[[ Records for this task, beginning ]]
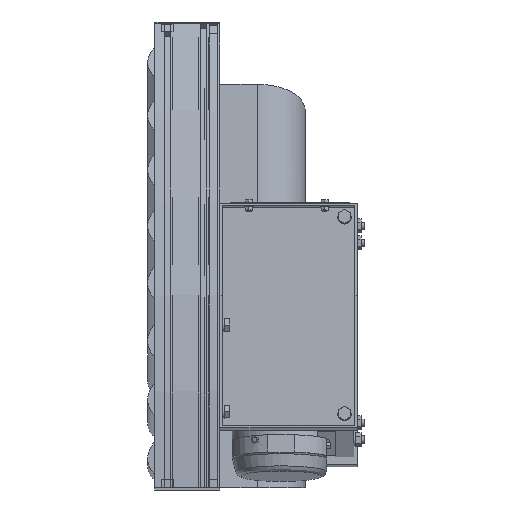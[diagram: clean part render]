
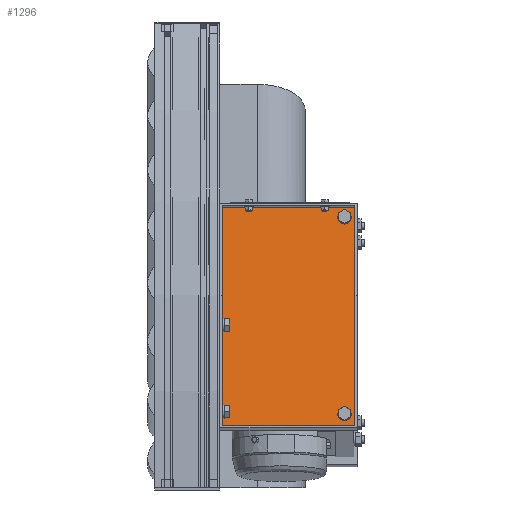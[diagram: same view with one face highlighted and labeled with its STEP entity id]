
A CAD part, left-side view. The second image highlights one B-rep face of the part: STEP entity #1296.
In plain terms, the highlighted planar face has unit normal (-0.991, 0, 0.131).
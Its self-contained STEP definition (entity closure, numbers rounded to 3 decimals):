
#1296=ADVANCED_FACE('',(#5780,#5781,#5782),#5779,.T.);
#5779=PLANE('',#15854);
#5780=FACE_OUTER_BOUND('',#15855,.T.);
#5781=FACE_BOUND('',#15856,.T.);
#5782=FACE_BOUND('',#15857,.T.);
#15851=CARTESIAN_POINT('',(-179.934,-296.8,72.952));
#15852=DIRECTION('',(-0.991,0.,0.131));
#15853=DIRECTION('',(0.131,0.,0.991));
#15854=AXIS2_PLACEMENT_3D('',#15851,#15852,#15853);
#15855=EDGE_LOOP('',(#21988,#21989,#21990,#21991));
#15856=EDGE_LOOP('',(#21992,#21993));
#15857=EDGE_LOOP('',(#21994,#21995));
#21988=ORIENTED_EDGE('',*,*,#26682,.F.);
#21989=ORIENTED_EDGE('',*,*,#26683,.F.);
#21990=ORIENTED_EDGE('',*,*,#26684,.F.);
#21991=ORIENTED_EDGE('',*,*,#26685,.F.);
#21992=ORIENTED_EDGE('',*,*,#26686,.T.);
#21993=ORIENTED_EDGE('',*,*,#26687,.T.);
#21994=ORIENTED_EDGE('',*,*,#26688,.T.);
#21995=ORIENTED_EDGE('',*,*,#26689,.T.);
#26682=EDGE_CURVE('',#34308,#34309,#34310,.T.);
#26683=EDGE_CURVE('',#34316,#34308,#34317,.T.);
#26684=EDGE_CURVE('',#34323,#34316,#34324,.T.);
#26685=EDGE_CURVE('',#34309,#34323,#34330,.T.);
#26686=EDGE_CURVE('',#34336,#34337,#34338,.T.);
#26687=EDGE_CURVE('',#34337,#34336,#34344,.T.);
#26688=EDGE_CURVE('',#34350,#34351,#34352,.T.);
#26689=EDGE_CURVE('',#34351,#34350,#34358,.T.);
#34308=VERTEX_POINT('',#50467);
#34309=VERTEX_POINT('',#50468);
#34310=LINE('',#50469,#50470);
#34316=VERTEX_POINT('',#50472);
#34317=LINE('',#50473,#50474);
#34323=VERTEX_POINT('',#50476);
#34324=LINE('',#50477,#50478);
#34330=LINE('',#50480,#50481);
#34336=VERTEX_POINT('',#50483);
#34337=VERTEX_POINT('',#50484);
#34338=CIRCLE('',#50488,5.5);
#34344=CIRCLE('',#50492,5.5);
#34350=VERTEX_POINT('',#50493);
#34351=VERTEX_POINT('',#50494);
#34352=CIRCLE('',#50498,5.5);
#34358=CIRCLE('',#50502,5.5);
#50467=CARTESIAN_POINT('',(-138.349,-286.8,388.827));
#50468=CARTESIAN_POINT('',(-178.629,-286.8,82.867));
#50469=CARTESIAN_POINT('',(-138.349,-286.8,388.827));
#50470=VECTOR('',#50471,308.6);
#50471=DIRECTION('',(-0.131,0.,-0.991));
#50472=CARTESIAN_POINT('',(-138.349,-103.2,388.827));
#50473=CARTESIAN_POINT('',(-138.349,-103.2,388.827));
#50474=VECTOR('',#50475,183.6);
#50475=DIRECTION('',(0.,-1.,0.));
#50476=CARTESIAN_POINT('',(-178.629,-103.2,82.867));
#50477=CARTESIAN_POINT('',(-178.629,-103.2,82.867));
#50478=VECTOR('',#50479,308.6);
#50479=DIRECTION('',(0.131,0.,0.991));
#50480=CARTESIAN_POINT('',(-178.629,-286.8,82.867));
#50481=VECTOR('',#50482,183.6);
#50482=DIRECTION('',(0.,1.,0.));
#50483=CARTESIAN_POINT('',(-176.828,-272.5,96.549));
#50484=CARTESIAN_POINT('',(-175.392,-272.5,107.455));
#50485=CARTESIAN_POINT('',(-176.11,-272.5,102.002));
#50486=DIRECTION('',(0.991,0.,-0.131));
#50487=DIRECTION('',(-0.131,0.,-0.991));
#50488=AXIS2_PLACEMENT_3D('',#50485,#50486,#50487);
#50489=CARTESIAN_POINT('',(-176.11,-272.5,102.002));
#50490=DIRECTION('',(0.991,0.,-0.131));
#50491=DIRECTION('',(-0.131,0.,-0.991));
#50492=AXIS2_PLACEMENT_3D('',#50489,#50490,#50491);
#50493=CARTESIAN_POINT('',(-140.933,-272.5,369.196));
#50494=CARTESIAN_POINT('',(-139.497,-272.5,380.102));
#50495=CARTESIAN_POINT('',(-140.215,-272.5,374.649));
#50496=DIRECTION('',(0.991,0.,-0.131));
#50497=DIRECTION('',(-0.131,0.,-0.991));
#50498=AXIS2_PLACEMENT_3D('',#50495,#50496,#50497);
#50499=CARTESIAN_POINT('',(-140.215,-272.5,374.649));
#50500=DIRECTION('',(0.991,0.,-0.131));
#50501=DIRECTION('',(-0.131,0.,-0.991));
#50502=AXIS2_PLACEMENT_3D('',#50499,#50500,#50501);
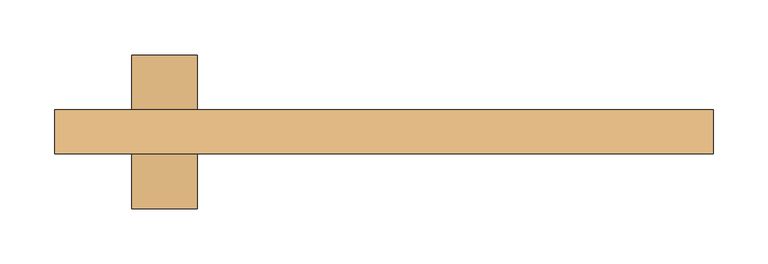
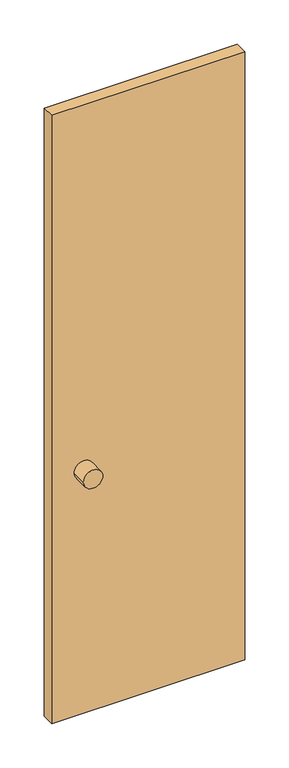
"""IFC4 building model written with IfcOpenShell, lengths in millimetres: door geometry, 営_片開き扉 : SD7 600*2000."""

from ifc_helpers import new_model, si_unit, point, frame, frame_2d, origin, origin_with_axes, place, context, project, spatial, polyline, circle_curve, trimmed, segment, composite_curve, outline, extrude, source, transform, mapped, element, save


def door_cb1f44da(model_context):
    return source(origin(), model_context, "Body", "SweptSolid", [
        extrude(outline(composite_curve([segment(trimmed(circle_curve(frame_2d((800.0, -200.0)), 30.0), [point((800.0, -170.0))], [point((800.0, -230.0))], False, "CARTESIAN"), True, "CONTINUOUS"), segment(trimmed(circle_curve(frame_2d((800.0, -200.0)), 30.0), [point((800.0, -230.0))], [point((800.0, -170.0))], False, "CARTESIAN"), True, "CONTINUOUS")], self_intersect=False)), frame((0.0, -15.0, 0.0), z_axis=(0.0, 1.0, 0.0), x_axis=(0.0, 0.0, 1.0)), (0.0, 0.0, 1.0), 50.0),
        extrude(outline(composite_curve([segment(trimmed(circle_curve(frame_2d((800.0, -200.0)), 30.0), [point((800.0, -170.0))], [point((800.0, -230.0))], False, "CARTESIAN"), True, "CONTINUOUS"), segment(trimmed(circle_curve(frame_2d((800.0, -200.0)), 30.0), [point((800.0, -230.0))], [point((800.0, -170.0))], False, "CARTESIAN"), True, "CONTINUOUS")], self_intersect=False)), frame((0.0, -105.0, 0.0), z_axis=(0.0, 1.0, 0.0), x_axis=(0.0, 0.0, 1.0)), (0.0, 0.0, 1.0), 50.0),
        extrude(outline(polyline([(-300.0, -15.0), (300.0, -15.0), (300.0, -55.0), (-300.0, -55.0), (-300.0, -15.0)])), origin_with_axes(), (0.0, 0.0, 1.0), 2000.0),
    ])


if __name__ == "__main__":
    model = new_model("IFC4")
    model_context = context("Model", 3, world=origin())
    ifc_project = project(units=[si_unit("LENGTHUNIT", "METRE", prefix="MILLI")], contexts=[model_context])
    site = spatial("IfcSite", under=ifc_project)
    building = spatial("IfcBuilding", under=site)
    placement = place(None, origin())
    door_shape = door_cb1f44da(model_context)
    element("IfcDoor", 1, ObjectType="営_片開き扉 : SD7 600*2000", at=placement, inside=building, context=model_context, shape_type="MappedRepresentation", body=[
        mapped(door_shape, transform((0.0, 0.0, 0.0), x_axis=(1.0, 0.0, 0.0), y_axis=(0.0, 1.0, 0.0), z_axis=(0.0, 0.0, 1.0))),
    ])
    save(model, "model.ifc")
[[ Records for this task, end ]]
Task instructions
Which lines of the data hold the string "polyline"? Return each of them.

Exercise result
from ifc_helpers import new_model, si_unit, point, frame, frame_2d, origin, origin_with_axes, place, context, project, spatial, polyline, circle_curve, trimmed, segment, composite_curve, outline, extrude, source, transform, mapped, element, save
        extrude(outline(polyline([(-300.0, -15.0), (300.0, -15.0), (300.0, -55.0), (-300.0, -55.0), (-300.0, -15.0)])), origin_with_axes(), (0.0, 0.0, 1.0), 2000.0),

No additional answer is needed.